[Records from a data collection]
▬▬▬▬▬▬▬▬▬▬
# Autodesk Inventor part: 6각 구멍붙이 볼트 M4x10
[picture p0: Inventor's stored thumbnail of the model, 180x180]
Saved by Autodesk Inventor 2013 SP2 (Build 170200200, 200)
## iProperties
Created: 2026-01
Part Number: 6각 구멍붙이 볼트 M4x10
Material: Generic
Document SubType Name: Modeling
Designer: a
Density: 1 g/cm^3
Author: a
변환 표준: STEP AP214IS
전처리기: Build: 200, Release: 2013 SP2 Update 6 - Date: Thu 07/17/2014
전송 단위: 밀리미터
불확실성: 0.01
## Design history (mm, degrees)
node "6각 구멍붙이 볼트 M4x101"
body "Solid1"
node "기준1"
▬▬▬▬▬▬▬▬▬▬
● EXERCISE PROMPT
Would you transcribe every entry exactly, leaving nothing out?

● EXERCISE RESULT
# Autodesk Inventor part: 6각 구멍붙이 볼트 M4x10
[picture p0: Inventor's stored thumbnail of the model, 180x180]
Saved by Autodesk Inventor 2013 SP2 (Build 170200200, 200)
## iProperties
Created: 2026-01
Part Number: 6각 구멍붙이 볼트 M4x10
Material: Generic
Document SubType Name: Modeling
Designer: a
Density: 1 g/cm^3
Author: a
변환 표준: STEP AP214IS
전처리기: Build: 200, Release: 2013 SP2 Update 6 - Date: Thu 07/17/2014
전송 단위: 밀리미터
불확실성: 0.01
## Design history (mm, degrees)
node "6각 구멍붙이 볼트 M4x101"
body "Solid1"
node "기준1"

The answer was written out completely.